Updated May 2, 2026 | 09:24 PM IST

Summary​Individuals frequently experience recurrent symptoms such as bloated abdomen, abdominal pain, gas, diarrhea, or constipation, and normalize these symptoms over time or attribute them to "something they ate" or everyday stresses. Therefore, IBS remains undiagnosed for many years.
Irritable Bowel Syndrome: A Common Yet Underdiagnosed Condition

Credit: iStock

Irritable Bowel Syndrome (IBS) is a common but often overlooked gastrointestinal disorder; as a result, IBS is very prevalent, with less than 15% being diagnosed.

Individuals frequently experience recurrent symptoms such as bloated abdomen, abdominal pain, gas, diarrhea, or constipation, and normalize these symptoms over time or attribute them to "something they ate" or everyday stresses. Therefore, IBS remains undiagnosed for many years.

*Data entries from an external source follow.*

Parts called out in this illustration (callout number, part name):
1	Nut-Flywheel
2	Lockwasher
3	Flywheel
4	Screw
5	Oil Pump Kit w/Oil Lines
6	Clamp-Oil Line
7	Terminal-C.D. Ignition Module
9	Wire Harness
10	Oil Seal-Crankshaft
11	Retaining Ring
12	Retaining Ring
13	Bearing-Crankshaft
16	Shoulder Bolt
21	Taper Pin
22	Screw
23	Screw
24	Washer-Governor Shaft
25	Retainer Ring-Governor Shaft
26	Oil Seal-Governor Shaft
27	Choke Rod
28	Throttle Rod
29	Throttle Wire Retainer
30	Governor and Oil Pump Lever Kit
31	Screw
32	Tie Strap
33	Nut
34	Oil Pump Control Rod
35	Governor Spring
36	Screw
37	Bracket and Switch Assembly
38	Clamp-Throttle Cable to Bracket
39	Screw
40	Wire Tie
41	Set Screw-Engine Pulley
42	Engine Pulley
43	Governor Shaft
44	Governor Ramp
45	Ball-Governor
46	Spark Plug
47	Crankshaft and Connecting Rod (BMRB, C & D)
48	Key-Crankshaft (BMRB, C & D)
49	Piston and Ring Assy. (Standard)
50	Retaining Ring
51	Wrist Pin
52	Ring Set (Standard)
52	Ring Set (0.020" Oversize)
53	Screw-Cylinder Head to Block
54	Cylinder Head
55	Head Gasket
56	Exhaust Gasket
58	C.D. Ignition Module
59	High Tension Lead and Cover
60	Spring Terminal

Why Diagnosis Is Often Delayed

One reason for this delay in being diagnosed is that the symptoms occur intermittently. It is also important to note that the presentation of these symptoms is inconsistent and unpredictable; there may be episodes where the IBS can last many days, and then completely resolve, thus providing a false sense of relief. Therefore, many individuals choose to delay consulting with a physician due to their belief that the symptoms they are experiencing are not serious.

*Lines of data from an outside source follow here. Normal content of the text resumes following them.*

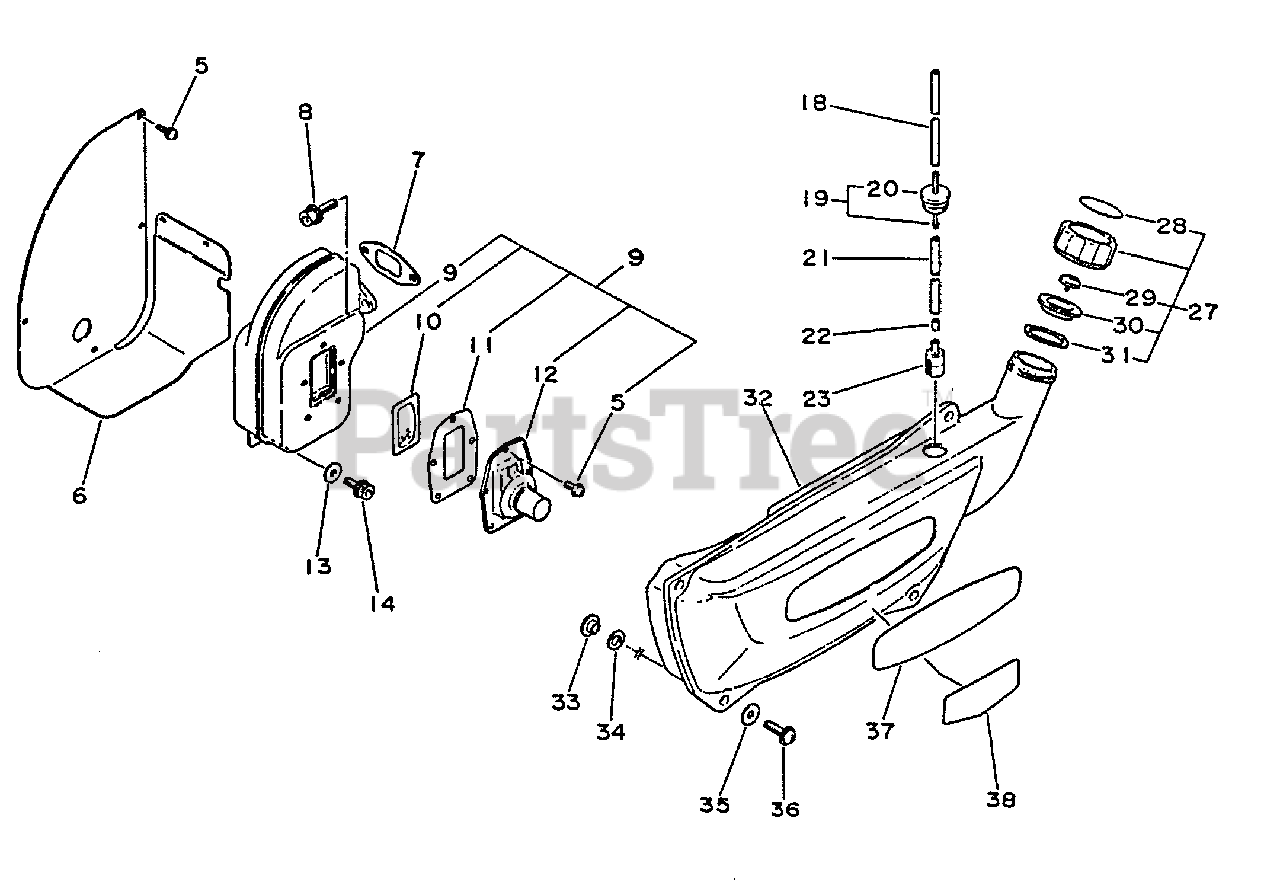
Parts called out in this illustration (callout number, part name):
5	SCREW - 4X10
6	INSULATOR
7	GASKET, EXHAUST
8	SCREW - 6X20
9	MUFFLER ASSY
10	SCREEN, SPARK ARRESTOR
11	GASKET, EXHAUST
12	GUIDE, EXHAUST
13	WASHER - 5
14	SCREW - 5X14
18	PIPE - FUEL
19	GROMMET KIT
21	PIPE - FUEL
23	FILTER, FUEL
27	CAP ASSY
28	LABEL - FUEL MIX
30	HOLDER, VENT
31	GASKET, CAP
32	TANK, FUEL
34	WASHER - RUBBER
36	SCREW - 5X20
37	LABEL - ECHO
38	LABEL - MODEL

Stigma Around Digestive Health

Another contributing factor is that there is still a degree of reluctance or discomfort associated with discussing problems related to the gastrointestinal tract openly; this only further complicates under-reporting statistics.

A ‘Functional’ Disorder Adds to Confusion

Finally, IBS is a functional disorder. Therefore, routine diagnostic testing will not reveal any visible abnormalities. Many patients may assume that the symptoms they are experiencing are not "real" or are not significant enough to warrant seeking medical attention, even though the discomfort they experience can be quite significant and affect their daily lives.

If you continually ignore symptoms of IBS, it will hurt your quality of life, productivity, and mental health. If you have persistent discomfort, you are likely to develop anxious feelings about eating, socializing, and travelling. Furthermore, if you don't manage your symptoms, you may experience a combination of untreated IBS with one or more other illnesses that are either gastrointestinal or metabolic; consequently, establishing the correct diagnosis for your IBS will be increasingly difficult as time goes on.

Why Early Action Matters

It is of the utmost importance to identify and respond to early warning signs of IBS as quickly as possible. A thorough evaluation can rule out other illnesses and provide a pathway for appropriate management, including dietary modifications, stress management techniques, and, if necessary, medical treatment.

Once you address your IBS, you will experience better control of your symptoms and eliminate the long-term consequences of IBS, both physically and psychologically.